TASK REQUIREMENTS: Everything in the entries below must be reproduced exactly, except the images.

RECORDS PROVIDED:
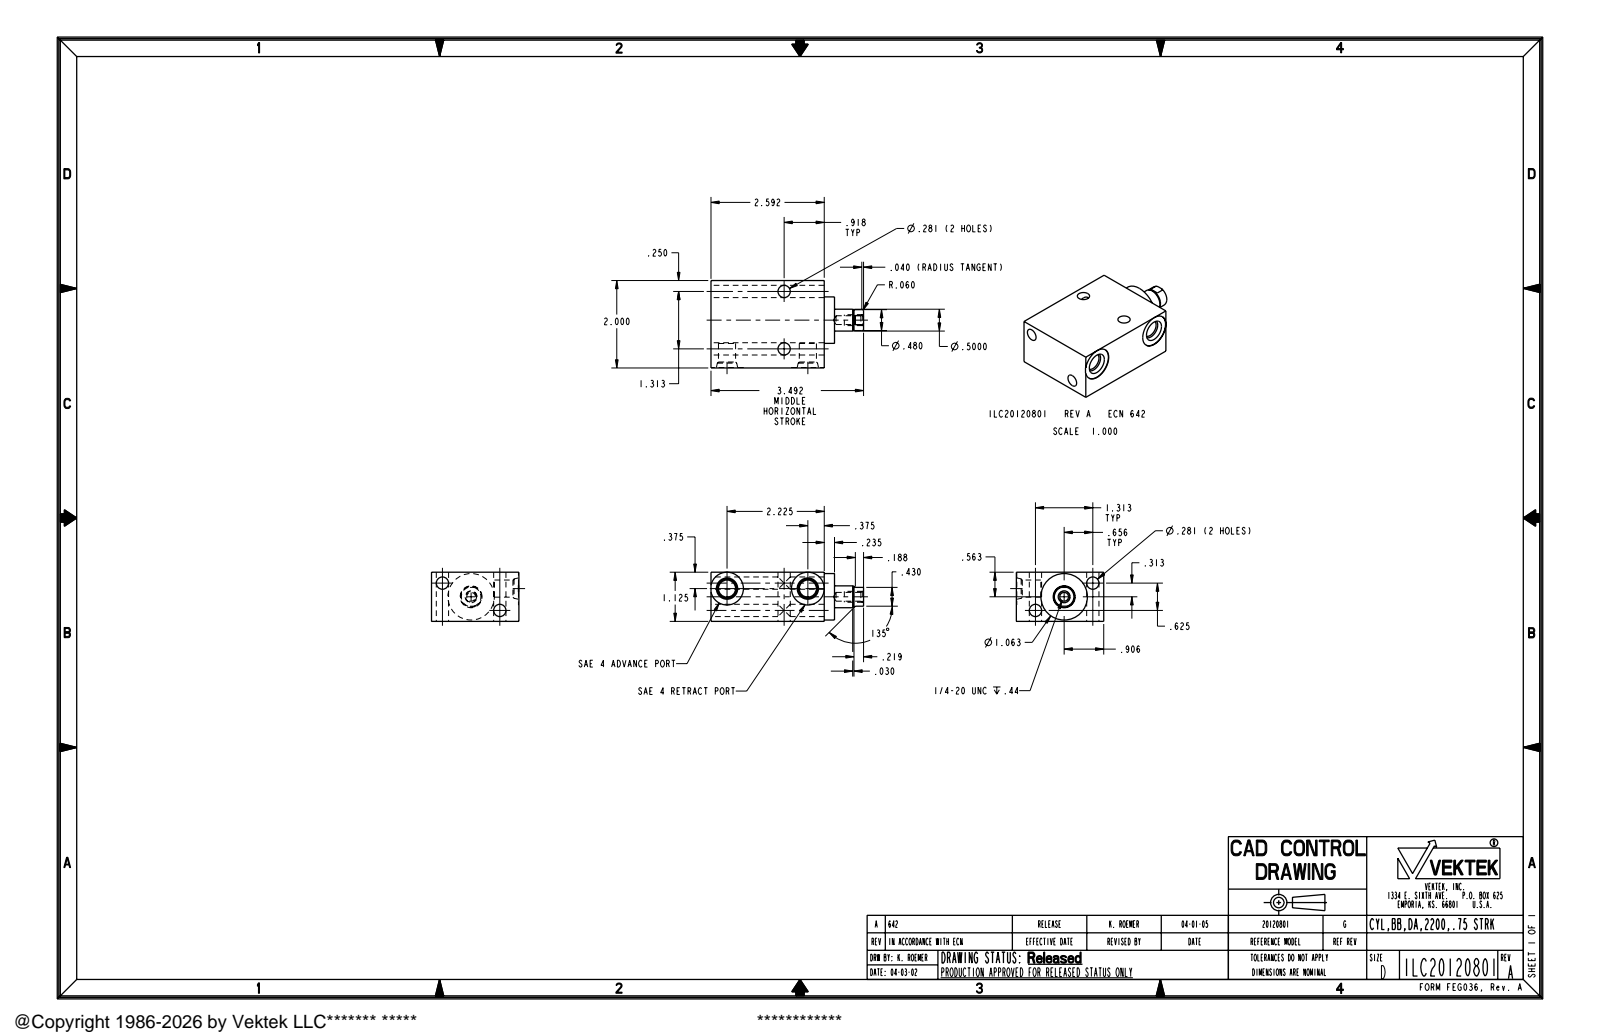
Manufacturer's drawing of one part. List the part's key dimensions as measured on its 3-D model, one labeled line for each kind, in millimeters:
Part name (STEP PRODUCT): ILC20120801
STEP written by: PRO/ENGINEER BY PARAMETRIC TECHNOLOGY CORPORATION, 2004290 (AUTOMOTIVE_DESIGN_CC2)
Units: millimetres
Bodies: 1 solid, 68 faces (19 planar, 33 cylindrical, 16 other)
Overall size (bounding box): 88.7 × 50.8 × 28.6
Volume: 91 130 mm³ · Surface area: 19 360 mm²
Round holes (diameter × count): ⌀7.1 ×4, ⌀10 ×2, ⌀19.1 ×2, ⌀5.1 ×1
Round bosses / shafts (diameter × count): ⌀27 ×1, ⌀12.7 ×1, ⌀12.2 ×1, ⌀6.4 ×1
Main face-to-face distances: 28.6, 50.8, 65.8, 6, 71.8, 50.5, 14.2, 14, 36.6, 16.9
Hole centre spacings: 18.5, 18.5, 33.4, 36.9, 47
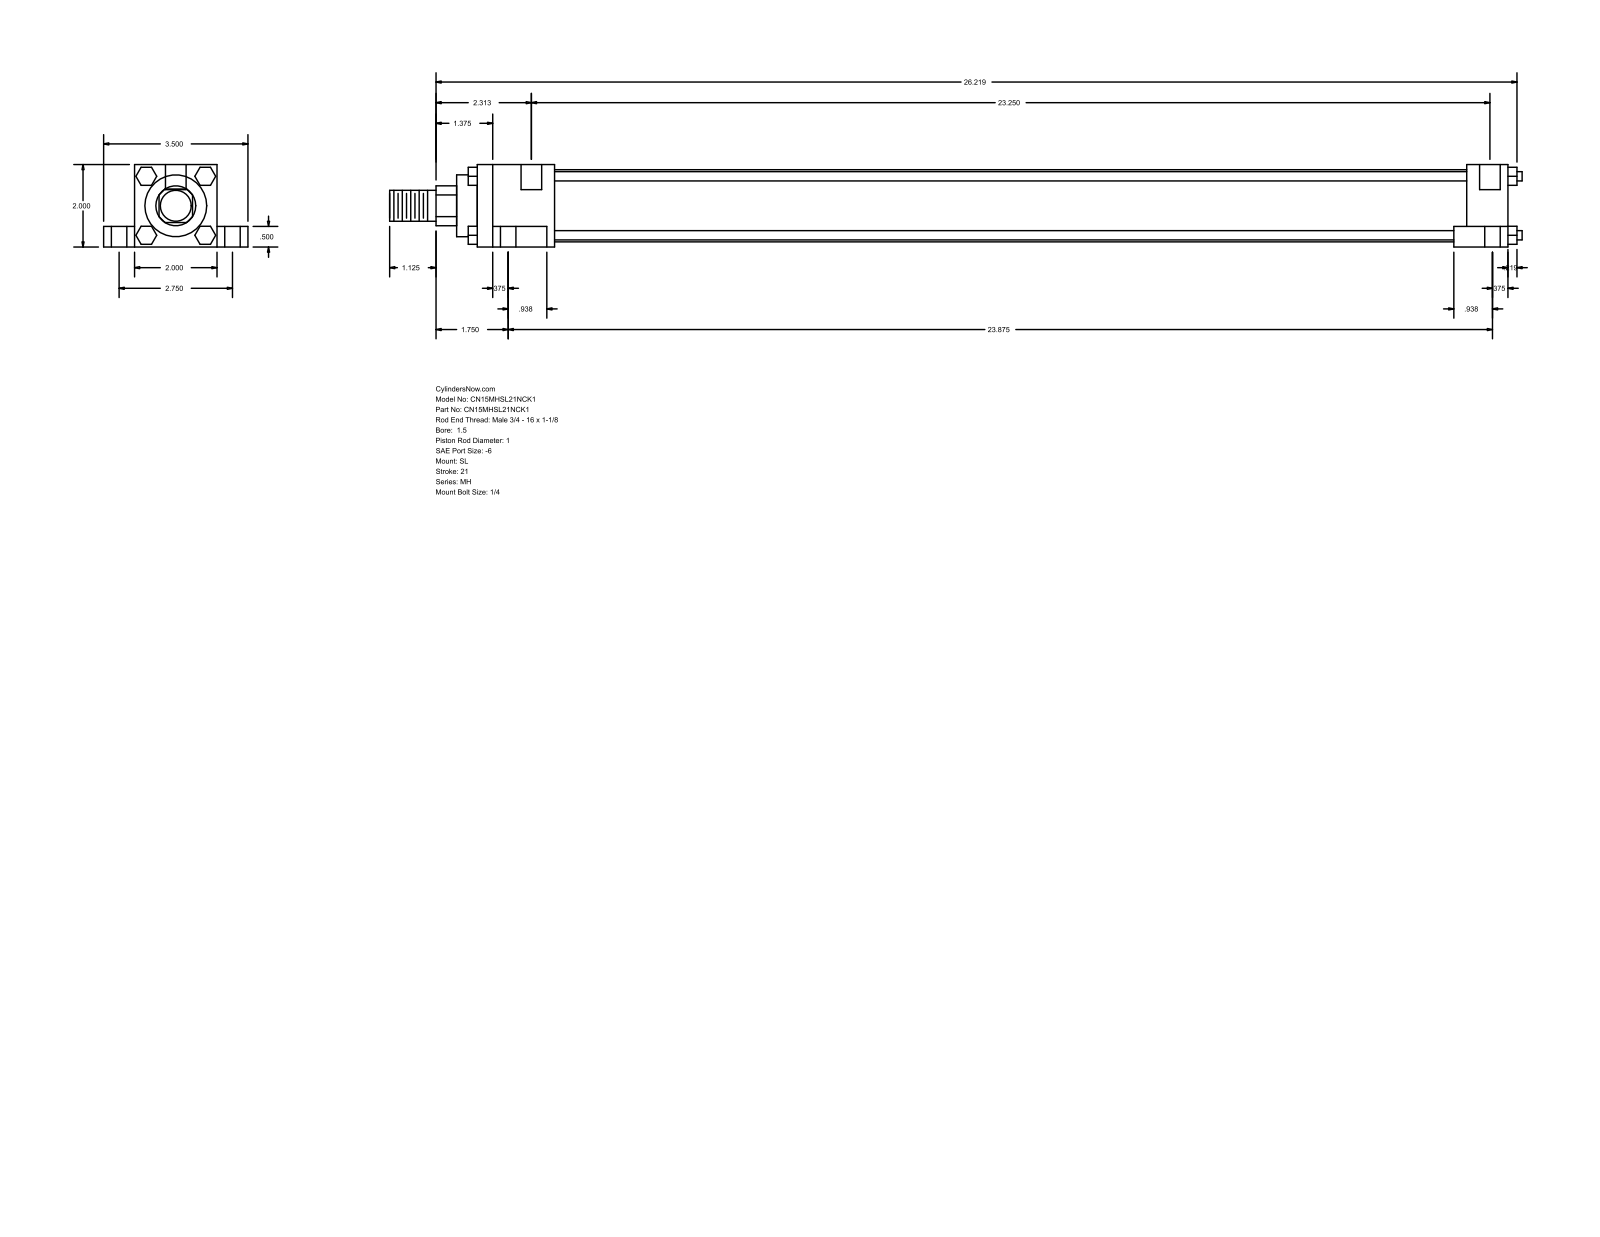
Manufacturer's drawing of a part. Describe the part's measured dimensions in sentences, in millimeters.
The part is named "MH_SL__0150_1". Its 3-D file was written by "GSSL Pune (CONFIG_CONTROL_DESIGN)". It is 0 solids with 148 faces: 112 planar, 36 cylindrical and 0 other. Overall it measures 697.71 by 88.9 by 50.8 millimeters. Round holes: 4 of diameter 5.56, 4 of diameter 9.53, 4 of diameter 15.88, 2 of diameter 12.7. Round bosses or shafts: 4 of diameter 5.71, 1 of diameter 44.45, 1 of diameter 38.1, 1 of diameter 25.4, 1 of diameter 19.05. Partial cylindrical surfaces (rounded edges, fillets, slot ends): 1 of radius 12.29. The main face-to-face distances are 50.8, 12.7, 38.1, 19.05, 69.85, 635, 25.4, 9.52, 33.34, 592.14. The hole center spacings are 34.96, 36.64, 37.73, 69.84, 593.17, 593.73, 596.34, 605.85.

EXERCISE RESPONSE:
Manufacturer's drawing of one part. List the part's key dimensions as measured on its 3-D model, one labeled line for each kind, in millimeters:
Part name (STEP PRODUCT): ILC20120801
STEP written by: PRO/ENGINEER BY PARAMETRIC TECHNOLOGY CORPORATION, 2004290 (AUTOMOTIVE_DESIGN_CC2)
Units: millimetres
Bodies: 1 solid, 68 faces (19 planar, 33 cylindrical, 16 other)
Overall size (bounding box): 88.7 × 50.8 × 28.6
Volume: 91 130 mm³ · Surface area: 19 360 mm²
Round holes (diameter × count): ⌀7.1 ×4, ⌀10 ×2, ⌀19.1 ×2, ⌀5.1 ×1
Round bosses / shafts (diameter × count): ⌀27 ×1, ⌀12.7 ×1, ⌀12.2 ×1, ⌀6.4 ×1
Main face-to-face distances: 28.6, 50.8, 65.8, 6, 71.8, 50.5, 14.2, 14, 36.6, 16.9
Hole centre spacings: 18.5, 18.5, 33.4, 36.9, 47
Manufacturer's drawing of a part. Describe the part's measured dimensions in sentences, in millimeters.
The part is named "MH_SL__0150_1". Its 3-D file was written by "GSSL Pune (CONFIG_CONTROL_DESIGN)". It is 0 solids with 148 faces: 112 planar, 36 cylindrical and 0 other. Overall it measures 697.71 by 88.9 by 50.8 millimeters. Round holes: 4 of diameter 5.56, 4 of diameter 9.53, 4 of diameter 15.88, 2 of diameter 12.7. Round bosses or shafts: 4 of diameter 5.71, 1 of diameter 44.45, 1 of diameter 38.1, 1 of diameter 25.4, 1 of diameter 19.05. Partial cylindrical surfaces (rounded edges, fillets, slot ends): 1 of radius 12.29. The main face-to-face distances are 50.8, 12.7, 38.1, 19.05, 69.85, 635, 25.4, 9.52, 33.34, 592.14. The hole center spacings are 34.96, 36.64, 37.73, 69.84, 593.17, 593.73, 596.34, 605.85.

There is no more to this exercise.